Im meeting with the local branch on tuesday for the first time.We can just about to manage the repayments.
Has anyone got any tips or pointers,because im not used to this sort of chat.Do i go in all fired up or tame.
Thanks


----------



## Brendan Burgess (4 Feb 2012)

What are you trying to achieve by the meeting? 

If you are under pressure meeting your repayments, you should ask to go to interest only. Your contract may give you a right to a three month payment holiday, which you could also ask for.

You should also use the meeting to protest at the high SVR. 

I don't know if there is any point in going in all fired up, as the person you meet won't be responsible for setting policy. But you could ask her to formally respond to explain why you are being charged this rate.

In particular apply to be put on their new 3.7% rate.

Brendan


----------



## GiganticLamb (4 Feb 2012)

Quick question on this guys,it may be useful to the OP

By going Interest only does it effect you in any other way .ie Credit ratings/losing out on TRS?

Thanks in advance


----------



## Fiskar (5 Feb 2012)

OP, need more detail before we can definitively assist. 

Size of mortgage, lenght of time gone and remaining on loan, your age when mortgage will be technically paid off and what has brought on the payment issue.

If you are savy you can get 6 months interest free as i was offered but have not as yet taken up. This depends whether or not it helps you as my questions would lead to asking for a restructure if your age and lenght of loan remaing allow.


----------



## GiganticLamb (5 Feb 2012)

Fiskar said:


> OP, need more detail before we can definitively assist.
> 
> 
> 
> If you are savy you can get *6 months interest free *as i was offered but have not as yet taken up. This depends whether or not it helps you as my questions would lead to asking for a restructure if your age and lenght of loan remaing allow.

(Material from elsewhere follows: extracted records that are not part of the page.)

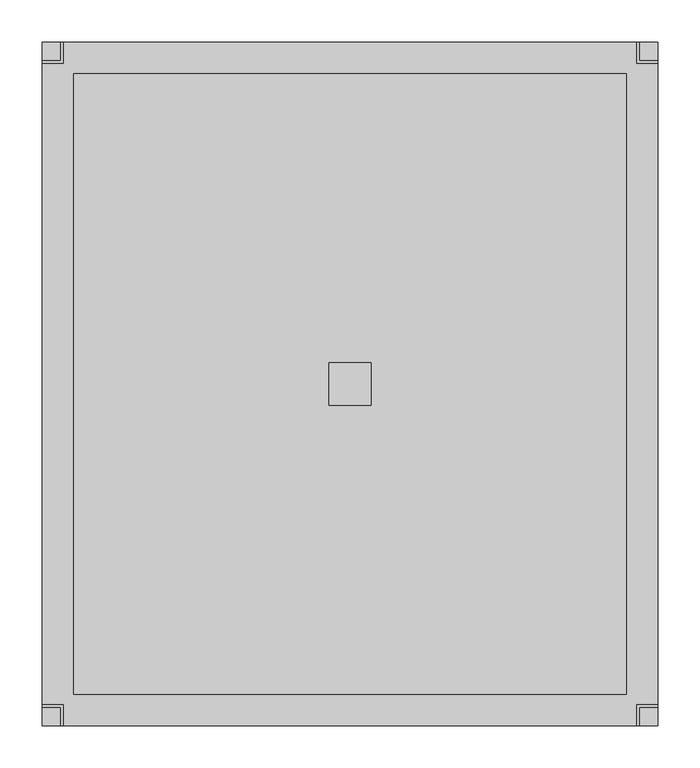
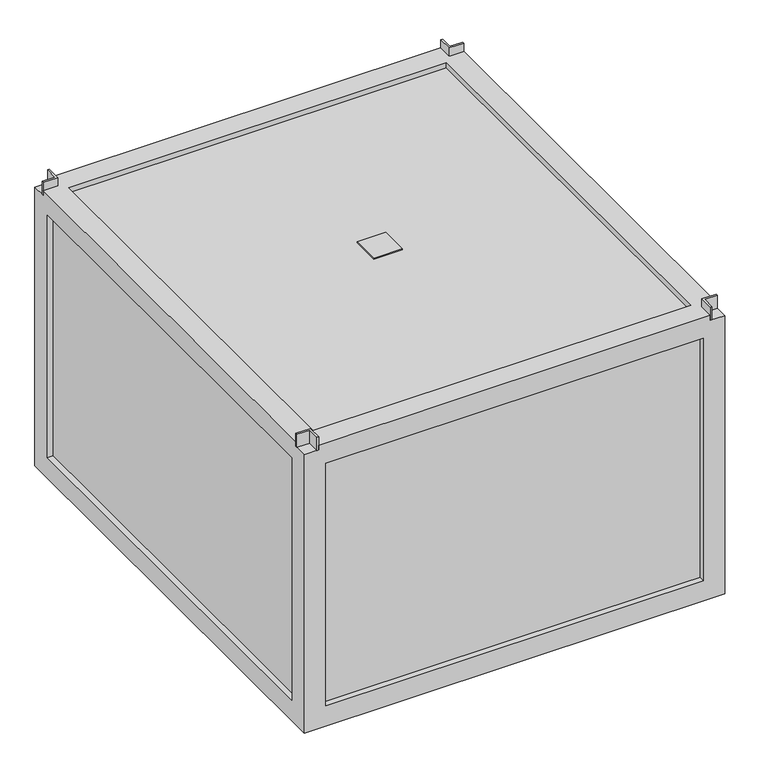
"""IFC4 building model written with IfcOpenShell, lengths in millimetres: proxy geometry, KORF_Вентилятор_UTR_WRH : UTR 60-30 WRH 28.4D."""

from ifc_helpers import new_model, si_unit, frame, origin, place, context, project, spatial, polyline, outline, extrude, faceted_brep, source, transform, mapped, element, save


def mechanical_equipment_096a3595(model_context):
    return source(origin(), model_context, "Body", "SolidModel", [
        extrude(outline(polyline([(340.0, -25.0), (340.0, 25.0), (390.0, 25.0), (390.0, -25.0), (340.0, -25.0)])), frame((0.0, 0.0, 260.0), z_axis=(0.0, 0.0, 1.0), x_axis=(1.0, 0.0, 0.0)), (0.0, 0.0, 1.0), 2.0),
        extrude(outline(polyline([(25.0, 380.0), (0.0, 380.0), (0.0, 383.0), (22.0, 383.0), (22.0, 405.0), (25.0, 405.0), (25.0, 380.0)])), frame((0.0, 0.0, 251.0), z_axis=(0.0, 0.0, 1.0), x_axis=(1.0, 0.0, 0.0)), (0.0, 0.0, 1.0), 24.0),
        extrude(outline(polyline([(705.0, 380.0), (705.0, 405.0), (708.0, 405.0), (708.0, 383.0), (730.0, 383.0), (730.0, 380.0), (705.0, 380.0)])), frame((0.0, 0.0, 251.0), z_axis=(0.0, 0.0, 1.0), x_axis=(1.0, 0.0, 0.0)), (0.0, 0.0, 1.0), 24.0),
        extrude(outline(polyline([(25.0, -380.0), (25.0, -405.0), (22.0, -405.0), (22.0, -383.0), (0.0, -383.0), (0.0, -380.0), (25.0, -380.0)])), frame((0.0, 0.0, 251.0), z_axis=(0.0, 0.0, 1.0), x_axis=(1.0, 0.0, 0.0)), (0.0, 0.0, 1.0), 24.0),
        extrude(outline(polyline([(705.0, -380.0), (730.0, -380.0), (730.0, -383.0), (708.0, -383.0), (708.0, -405.0), (705.0, -405.0), (705.0, -380.0)])), frame((0.0, 0.0, 251.0), z_axis=(0.0, 0.0, 1.0), x_axis=(1.0, 0.0, 0.0)), (0.0, 0.0, 1.0), 24.0),
        extrude(outline(polyline([(720.0, 395.0), (720.0, -395.0), (10.0, -395.0), (10.0, 395.0), (720.0, 395.0)])), frame((0.0, 0.0, -250.0), z_axis=(0.0, 0.0, 1.0), x_axis=(1.0, 0.0, 0.0)), (0.0, 0.0, 1.0), 500.0),
        faceted_brep([(0.0, -404.9999993, -259.9999993), (730.0, -404.9999993, -259.9999993), (729.9999993, -404.9999993, 251.0), (705.0, -404.9999993, 251.0), (705.0, -404.9999993, 260.0), (25.0, -404.9999993, 259.9999993), (25.0, -404.9999993, 251.0), (0.0, -404.9999993, 251.0), (37.5, -404.9999993, -222.4999993), (37.5, -404.9999993, 222.5), (692.4999993, -404.9999993, 222.5), (692.4999993, -404.9999993, -222.4999993), (10.000001, -394.9999993, -249.9999993), (10.000001, -394.9999993, 249.9999993), (719.9999993, -394.9999993, 249.999999), (719.999999, -394.9999993, -249.9999993), (37.5, -394.9999993, 222.5), (37.5, -394.9999993, -222.4999993), (692.4999993, -394.9999993, -222.4999993), (692.4999993, -394.9999993, 222.5), (0.0, -367.4999993, 222.4999993), (10.000001, -367.4999993, 222.4999993), (10.000001, -367.4999993, -222.4999993), (0.0, -367.4999993, -222.4999993), (0.0, 404.9999993, -259.9999993), (730.0, 405.0, -259.9999993), (692.5, -367.5, -259.9999993), (692.5, 367.5, -259.9999993), (37.5, 367.5, -259.9999993), (37.5, -367.5, -259.9999993), (10.000001, 394.9999993, -249.9999993), (719.999999, 394.999999, -249.9999993), (692.5, 367.5, -249.9999993), (692.5, -367.5, -249.9999993), (37.5, -367.5, -249.9999993), (37.5, 367.5, -249.9999993), (10.000001, 367.4999993, -222.4999993), (0.0, 367.4999993, -222.4999993), (0.0, 404.9999993, 251.0), (25.0, 404.9999993, 251.0), (25.0, 404.9999993, 259.9999993), (705.0, 404.9999993, 260.0), (705.0, 404.9999993, 251.0), (729.9999993, 404.9999993, 251.0), (37.5, 404.9999993, 222.5), (37.5, 404.9999993, -222.4999993), (692.4999993, 404.9999993, -222.4999993), (692.4999993, 404.9999993, 222.5), (10.000001, 394.9999993, 249.9999993), (719.9999993, 394.9999993, 249.999999), (37.5, 394.9999993, -222.4999993), (37.5, 394.9999993, 222.5), (692.4999993, 394.9999993, 222.5), (692.4999993, 394.9999993, -222.4999993), (10.000001, 367.4999993, 222.4999993), (0.0, 367.4999993, 222.4999993), (0.0, -380.0, 251.0), (0.0, -380.0, 259.9999993), (0.0, 380.0, 259.9999993), (0.0, 380.0, 251.0), (705.0, -380.0, 259.9999993), (729.9999993, -380.0, 259.9999993), (729.9999993, 380.0, 259.9999993), (705.0, 380.0, 259.9999993), (25.0, 380.0, 259.9999993), (25.0, -380.0, 259.9999993), (692.4999993, 367.4999993, 259.9999993), (692.4999993, -367.4999993, 259.9999993), (37.5000007, -367.4999993, 259.9999993), (37.5, 367.4999993, 259.9999993), (37.5, -367.4999993, 249.9999993), (37.5, 367.4999993, 249.9999993), (692.4999993, -367.4999993, 249.9999993), (692.4999993, 367.4999993, 249.9999993), (729.9999993, 380.0, 251.0), (729.9999993, -380.0, 251.0), (729.9999993, -367.5, -222.5), (729.9999993, -367.5, 222.5), (729.9999993, 367.5, 222.5), (729.9999993, 367.5, -222.5), (719.9999993, -367.5, 222.5), (719.9999993, -367.5, -222.5), (719.9999993, 367.5, -222.4999993), (719.9999993, 367.5, 222.5), (25.0, 380.0, 251.0), (705.0, 380.0, 251.0), (705.0, -380.0, 251.0), (25.0, -380.0, 251.0)], [[[0, 1, 2, 3, 4, 5, 6, 7], [8, 9, 10, 11]], [[12, 13, 14, 15], [16, 17, 18, 19]], [[20, 21, 22, 23]], [[0, 24, 25, 1], [26, 27, 28, 29]], [[30, 12, 15, 31], [32, 33, 34, 35]], [[23, 22, 36, 37]], [[25, 24, 38, 39, 40, 41, 42, 43], [44, 45, 46, 47]], [[48, 30, 31, 49], [50, 51, 52, 53]], [[37, 36, 54, 55]], [[24, 0, 7, 56, 57, 58, 59, 38], [20, 23, 37, 55]], [[5, 4, 60, 61, 62, 63, 41, 40, 64, 58, 57, 65], [66, 67, 68, 69]], [[35, 34, 29, 28]], [[69, 68, 70, 71]], [[16, 9, 8, 17]], [[44, 51, 50, 45]], [[13, 48, 49, 14], [72, 73, 71, 70]], [[12, 30, 48, 13], [22, 21, 54, 36]], [[21, 20, 55, 54]], [[1, 25, 43, 74, 62, 61, 75, 2], [76, 77, 78, 79]], [[14, 49, 31, 15], [80, 81, 82, 83]], [[66, 73, 72, 67]], [[67, 72, 70, 68]], [[9, 16, 19, 10]], [[51, 44, 47, 52]], [[80, 83, 78, 77]], [[73, 66, 69, 71]], [[32, 27, 26, 33]], [[33, 26, 29, 34]], [[27, 32, 35, 28]], [[17, 8, 11, 18]], [[45, 50, 53, 46]], [[76, 79, 82, 81]], [[77, 76, 81, 80]], [[79, 78, 83, 82]], [[11, 10, 19, 18]], [[47, 46, 53, 52]], [[59, 84, 39, 38]], [[42, 85, 74, 43]], [[75, 86, 3, 2]], [[87, 56, 7, 6]], [[84, 59, 58, 64]], [[39, 84, 64, 40]], [[85, 42, 41, 63]], [[74, 85, 63, 62]], [[86, 75, 61, 60]], [[3, 86, 60, 4]], [[56, 87, 65, 57]], [[87, 6, 5, 65]]]),
    ])


if __name__ == "__main__":
    model = new_model("IFC4")
    model_context = context("Model", 3, world=origin())
    ifc_project = project(units=[si_unit("LENGTHUNIT", "METRE", prefix="MILLI")], contexts=[model_context])
    site = spatial("IfcSite", under=ifc_project)
    building = spatial("IfcBuilding", under=site)
    placement = place(None, origin())
    mechanical_equipment_shape = mechanical_equipment_096a3595(model_context)
    element("IfcBuildingElementProxy", 1, Name="KORF_Вентилятор_UTR_WRH : UTR 60-30 WRH 28.4D", ObjectType="KORF_Вентилятор_UTR_WRH : UTR 60-30 WRH 28.4D", at=placement, inside=building, context=model_context, shape_type="MappedRepresentation", body=[
        mapped(mechanical_equipment_shape, transform((0.0, 0.0, 0.0), x_axis=(1.0, 0.0, 0.0), y_axis=(0.0, 1.0, 0.0), z_axis=(0.0, 0.0, 1.0))),
    ])
    save(model, "model.ifc")

That sounds like a good idea,what way one one approach the bank to get that?


----------



## Fiskar (5 Feb 2012)

GiganticLamb said:


> That sounds like a good idea,what way one one approach the bank to get that?


 
Maybe I should clarify, it is 6 months interest only with no capital repayment. Interest payment is 45% of the monthly repayment.

Presented a business plan to offload a piece of debt that required interest only on 2 or 3 of the loans for 3 months. This debt would affect mortgage repayment if a rental lease folded.
Rejected offers on the lowest loans as they would not facilitate clearing the other debt. 
Was offered interest only on the largest loan for 6 months but have decided to wait before activating this until the fixed rate on that loan finishes in the next month or so.
Am weighting up other options but this is there and I may activate it in march.


----------



## richie33 (5 Feb 2012)

Hi,mortgage is over 35 years when we took out,29 years left,orginal loan amount 390000
Took a 3 month repayment break out about 3 years ago
Im at the end of a 6 month interest only repayment at the moment.
Payment went up to 2080 euro for a 3 bed semi before i took interest only.
It only reduced to 1680 euro.
Im not signing myself up for another 30 years of torture by this bank,something got to give.


----------



## Watcher (6 Feb 2012)

Explore every option available to you.
However read other posts and see that one poster at least had taken a holiday or interest only payment period and was penalised when then looking to move.

In essence yes. Lenders will look if you have taken a payment holiday and negatively view in assessment.


----------



## Brendan Burgess (6 Feb 2012)

Richie

Is there any prospect of you being able to move within the next 5 years? 

If you bought 6 years ago, I presume you are in deep negative equity. 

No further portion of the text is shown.